Background: Accute Immune Deficiency Syndrom (AIDS) is a serious and lethal disease in many parts of the world, rendering a patient sensitive to all opportunistic pathogens that can cause death as the disease progresses. Many patients suffer from intestinal opportunistic infections by parasites.
Objectives: The aim of present study was to examine parasitic intestinal infections in AIDS patients in Razi Hospital, Ahvaz.

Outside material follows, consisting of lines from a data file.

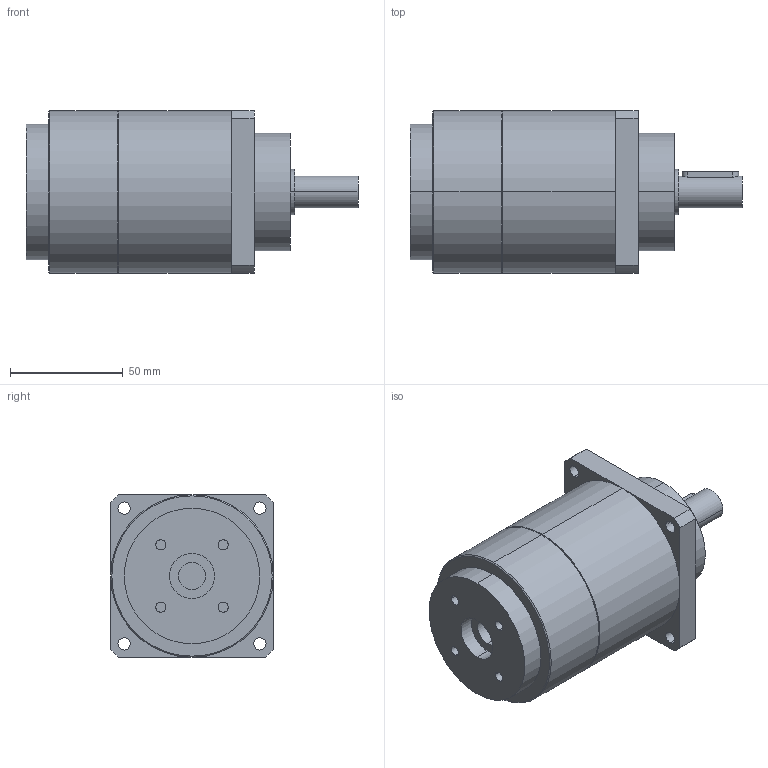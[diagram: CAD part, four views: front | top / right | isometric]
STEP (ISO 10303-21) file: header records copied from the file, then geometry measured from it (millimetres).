
FILE_DESCRIPTION(('CoCreate Modeling STEP Export'),'2;1');
FILE_NAME('GPT75_ig-9-12-16-20-25-28-35-40-50-70-100_14_B5T_12_P14.stp','2014-08-27T13:36:44',(''),(''),'CoCreate Modeling STEP processor for AP214 (Solid Model)','CoCreate Modeling 16.00C 25-Feb-2009 (C) Parametric Technology GmbH','');
FILE_SCHEMA(('AUTOMOTIVE_DESIGN { 1 0 10303 214 1 1 1 1 }'));
Length unit declared in the file: millimetre
Products named in the file (2): GPT75_ig-9-12-16-20-25-28-35-40-50-70-100_14_B5T_12_P14
Assembly tree (1 placements, depth 2):
  GPT75_ig-9-12-16-20-25-28-35-40-50-70-100_14_B5T_12_P14
    GPT75_ig-9-12-16-20-25-28-35-40-50-70-100_14_B5T_12_P14
Bounding box: 147 x 72 x 72 mm (x, y, z)
Volume: 441304.7 mm3; surface area: 40388.6 mm2
Topology: 1 solids, 1 shells, 69 faces, 165 edges, 110 vertices
Faces by surface type: cylinder 40, plane 25, cone 4
Entity records: 2146 total; most frequent: CARTESIAN_POINT 661, ORIENTED_EDGE 330, DIRECTION 260, EDGE_CURVE 165, VERTEX_POINT 110, AXIS2_PLACEMENT_3D 97, EDGE_LOOP 89, FACE_OUTER_BOUND 69

Patients and Methods: We collected 100 stool samples from 60 HIV (+) patients who were referred to Razi Hospital, Ahvaz. The samples were examined by direct and MIF (merthiolate-iodine-formaldehyde) method. All samples were stained with Ziehl-Neelsen (acid fast staining) and trichrome. General data, such as clinical signs, duration of disease, route of infection, and habitat of patient, were obtained by questionnaire.
Results: Thirty percent of HIV (+) patients were infected with intestinal protozoan parasites. There was no significant difference in the prevalence of parasite infections between sex or age. The prevalence of parasitic infections was as follows: Blastocystis hominis, 16. 7%; Cryptosporidium parvum, 8. 3%; Endolimax nana, 5%; Entamoeba coli, 5%; Giardia intestinalis, 3. 3%; E. histolytica cyst, 1. 7%, and Dientamoeba fragilis, 1. 7%.
Conclusions: This study shows that the prevalence of parasitic infections is not high in HIV (+) patient in Ahvaz compared with other studies, but it is recommended that fecal examination be performed every 3 months to detect serious parasitic infections and that parasitic infections should be treated after laboratory diagnosis and in the presence of the gastrointestinal symptoms.